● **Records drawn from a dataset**
---------------
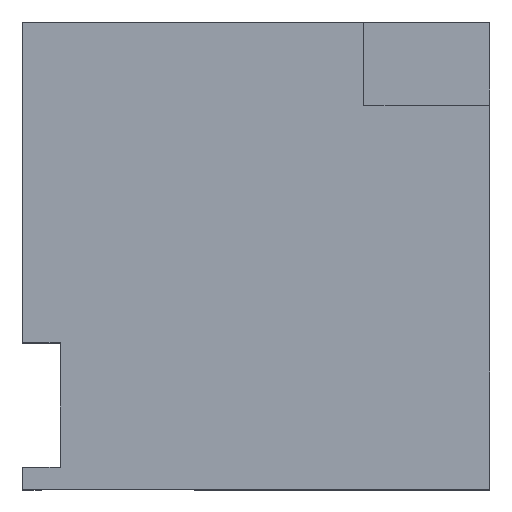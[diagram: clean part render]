
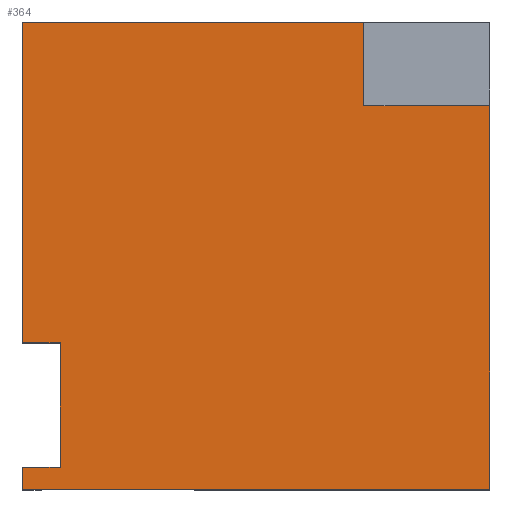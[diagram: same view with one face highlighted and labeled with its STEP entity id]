
A CAD part, top view. The second image highlights one B-rep face of the part: STEP entity #364.
In plain terms, the highlighted planar face has unit normal (0, 0, 1).
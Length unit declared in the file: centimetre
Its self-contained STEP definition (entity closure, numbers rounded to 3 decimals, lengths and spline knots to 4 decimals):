
#1 = PLANE ( 'NONE',  #713 ) ;
#21 = CARTESIAN_POINT ( 'NONE',  ( 0., 0., 1000. ) ) ;
#38 = VERTEX_POINT ( 'NONE', #528 ) ;
#44 = CARTESIAN_POINT ( 'NONE',  ( 730.9199, 821.097, 1000. ) ) ;
#52 = CARTESIAN_POINT ( 'NONE',  ( 1000., 0., 1000. ) ) ;
#58 = VECTOR ( 'NONE', #438, 100. ) ;
#94 = EDGE_CURVE ( 'NONE', #226, #446, #104, .T. ) ;
#101 = EDGE_CURVE ( 'NONE', #38, #204, #419, .T. ) ;
#104 = LINE ( 'NONE', #111, #1151 ) ;
#111 = CARTESIAN_POINT ( 'NONE',  ( 730.9199, 821.097, 1000. ) ) ;
#129 = VERTEX_POINT ( 'NONE', #496 ) ;
#153 = ORIENTED_EDGE ( 'NONE', *, *, #1100, .T. ) ;
#166 = CARTESIAN_POINT ( 'NONE',  ( 0., 1000., 1000. ) ) ;
#186 = CARTESIAN_POINT ( 'NONE',  ( 1000., 821.097, 1000. ) ) ;
#202 = DIRECTION ( 'NONE',  ( 0., 0., 1. ) ) ;
#204 = VERTEX_POINT ( 'NONE', #52 ) ;
#226 = VERTEX_POINT ( 'NONE', #44 ) ;
#255 = ORIENTED_EDGE ( 'NONE', *, *, #932, .T. ) ;
#267 = ORIENTED_EDGE ( 'NONE', *, *, #101, .T. ) ;
#281 = CARTESIAN_POINT ( 'NONE',  ( 0., 1000., 1000. ) ) ;
#285 = CARTESIAN_POINT ( 'NONE',  ( 0., 313.1975, 1000. ) ) ;
#291 = EDGE_CURVE ( 'NONE', #829, #226, #621, .T. ) ;
#302 = CARTESIAN_POINT ( 'NONE',  ( 730.9199, 1000., 1000. ) ) ;
#315 = DIRECTION ( 'NONE',  ( 1., 0., 0. ) ) ;
#317 = DIRECTION ( 'NONE',  ( -1., 0., 0. ) ) ;
#337 = VERTEX_POINT ( 'NONE', #491 ) ;
#338 = VECTOR ( 'NONE', #645, 100. ) ;
#364 = ADVANCED_FACE ( 'NONE', ( #1075 ), #1, .T. ) ;
#406 = DIRECTION ( 'NONE',  ( 0., 1., 0. ) ) ;
#413 = ORIENTED_EDGE ( 'NONE', *, *, #1195, .T. ) ;
#419 = LINE ( 'NONE', #1183, #434 ) ;
#434 = VECTOR ( 'NONE', #878, 100. ) ;
#438 = DIRECTION ( 'NONE',  ( 1., 0., 0. ) ) ;
#443 = ORIENTED_EDGE ( 'NONE', *, *, #512, .T. ) ;
#445 = CARTESIAN_POINT ( 'NONE',  ( 80.9382, 313.1975, 1000. ) ) ;
#446 = VERTEX_POINT ( 'NONE', #186 ) ;
#470 = LINE ( 'NONE', #857, #908 ) ;
#477 = DIRECTION ( 'NONE',  ( -1., 0., 0. ) ) ;
#485 = VERTEX_POINT ( 'NONE', #285 ) ;
#491 = CARTESIAN_POINT ( 'NONE',  ( 80.9382, 47.2096, 1000. ) ) ;
#496 = CARTESIAN_POINT ( 'NONE',  ( 0., 47.2096, 1000. ) ) ;
#501 = EDGE_CURVE ( 'NONE', #129, #38, #470, .T. ) ;
#512 = EDGE_CURVE ( 'NONE', #829, #871, #1260, .T. ) ;
#513 = CARTESIAN_POINT ( 'NONE',  ( 1000., 1000., 1000. ) ) ;
#520 = DIRECTION ( 'NONE',  ( 0., -1., 0. ) ) ;
#528 = CARTESIAN_POINT ( 'NONE',  ( 0., 0., 1000. ) ) ;
#562 = VECTOR ( 'NONE', #406, 100. ) ;
#571 = VECTOR ( 'NONE', #723, 100. ) ;
#621 = LINE ( 'NONE', #637, #571 ) ;
#630 = CARTESIAN_POINT ( 'NONE',  ( 80.9382, 47.2096, 1000. ) ) ;
#635 = CARTESIAN_POINT ( 'NONE',  ( 0., 1000., 1000. ) ) ;
#637 = CARTESIAN_POINT ( 'NONE',  ( 730.9199, 821.097, 1000. ) ) ;
#645 = DIRECTION ( 'NONE',  ( 0., -1., 0. ) ) ;
#666 = DIRECTION ( 'NONE',  ( 0., -1., 0. ) ) ;
#688 = LINE ( 'NONE', #513, #562 ) ;
#706 = ORIENTED_EDGE ( 'NONE', *, *, #989, .T. ) ;
#713 = AXIS2_PLACEMENT_3D ( 'NONE', #21, #202, #315 ) ;
#723 = DIRECTION ( 'NONE',  ( 0., -1., 0. ) ) ;
#728 = ORIENTED_EDGE ( 'NONE', *, *, #94, .F. ) ;
#797 = ORIENTED_EDGE ( 'NONE', *, *, #1251, .T. ) ;
#802 = EDGE_LOOP ( 'NONE', ( #413, #1166, #267, #153, #728, #1268, #443, #706, #797, #255 ) ) ;
#829 = VERTEX_POINT ( 'NONE', #302 ) ;
#857 = CARTESIAN_POINT ( 'NONE',  ( 0., 1000., 1000. ) ) ;
#871 = VERTEX_POINT ( 'NONE', #635 ) ;
#878 = DIRECTION ( 'NONE',  ( 1., 0., 0. ) ) ;
#908 = VECTOR ( 'NONE', #666, 100. ) ;
#932 = EDGE_CURVE ( 'NONE', #1219, #337, #1113, .T. ) ;
#942 = CARTESIAN_POINT ( 'NONE',  ( 0., 313.1975, 1000. ) ) ;
#989 = EDGE_CURVE ( 'NONE', #871, #485, #1029, .T. ) ;
#1014 = VECTOR ( 'NONE', #477, 100. ) ;
#1029 = LINE ( 'NONE', #166, #1142 ) ;
#1051 = VECTOR ( 'NONE', #317, 100. ) ;
#1075 = FACE_OUTER_BOUND ( 'NONE', #802, .T. ) ;
#1100 = EDGE_CURVE ( 'NONE', #204, #446, #688, .T. ) ;
#1107 = CARTESIAN_POINT ( 'NONE',  ( 0., 47.2096, 1000. ) ) ;
#1113 = LINE ( 'NONE', #630, #338 ) ;
#1137 = LINE ( 'NONE', #942, #58 ) ;
#1142 = VECTOR ( 'NONE', #520, 100. ) ;
#1151 = VECTOR ( 'NONE', #1192, 100. ) ;
#1166 = ORIENTED_EDGE ( 'NONE', *, *, #501, .T. ) ;
#1183 = CARTESIAN_POINT ( 'NONE',  ( 0., 0., 1000. ) ) ;
#1192 = DIRECTION ( 'NONE',  ( 1., 0., 0. ) ) ;
#1195 = EDGE_CURVE ( 'NONE', #337, #129, #1197, .T. ) ;
#1197 = LINE ( 'NONE', #1107, #1051 ) ;
#1219 = VERTEX_POINT ( 'NONE', #445 ) ;
#1251 = EDGE_CURVE ( 'NONE', #485, #1219, #1137, .T. ) ;
#1260 = LINE ( 'NONE', #281, #1014 ) ;
#1268 = ORIENTED_EDGE ( 'NONE', *, *, #291, .F. ) ;
---------------
Reproduce exactly the entries above, limited to the lines from the one with "#637 = CARTESIAN_POINT" through the one with "#932 = EDGE_CURVE", both included.

● **WRITTEN RESPONSE**
#637 = CARTESIAN_POINT ( 'NONE',  ( 730.9199, 821.097, 1000. ) ) ;
#645 = DIRECTION ( 'NONE',  ( 0., -1., 0. ) ) ;
#666 = DIRECTION ( 'NONE',  ( 0., -1., 0. ) ) ;
#688 = LINE ( 'NONE', #513, #562 ) ;
#706 = ORIENTED_EDGE ( 'NONE', *, *, #989, .T. ) ;
#713 = AXIS2_PLACEMENT_3D ( 'NONE', #21, #202, #315 ) ;
#723 = DIRECTION ( 'NONE',  ( 0., -1., 0. ) ) ;
#728 = ORIENTED_EDGE ( 'NONE', *, *, #94, .F. ) ;
#797 = ORIENTED_EDGE ( 'NONE', *, *, #1251, .T. ) ;
#802 = EDGE_LOOP ( 'NONE', ( #413, #1166, #267, #153, #728, #1268, #443, #706, #797, #255 ) ) ;
#829 = VERTEX_POINT ( 'NONE', #302 ) ;
#857 = CARTESIAN_POINT ( 'NONE',  ( 0., 1000., 1000. ) ) ;
#871 = VERTEX_POINT ( 'NONE', #635 ) ;
#878 = DIRECTION ( 'NONE',  ( 1., 0., 0. ) ) ;
#908 = VECTOR ( 'NONE', #666, 100. ) ;
#932 = EDGE_CURVE ( 'NONE', #1219, #337, #1113, .T. ) ;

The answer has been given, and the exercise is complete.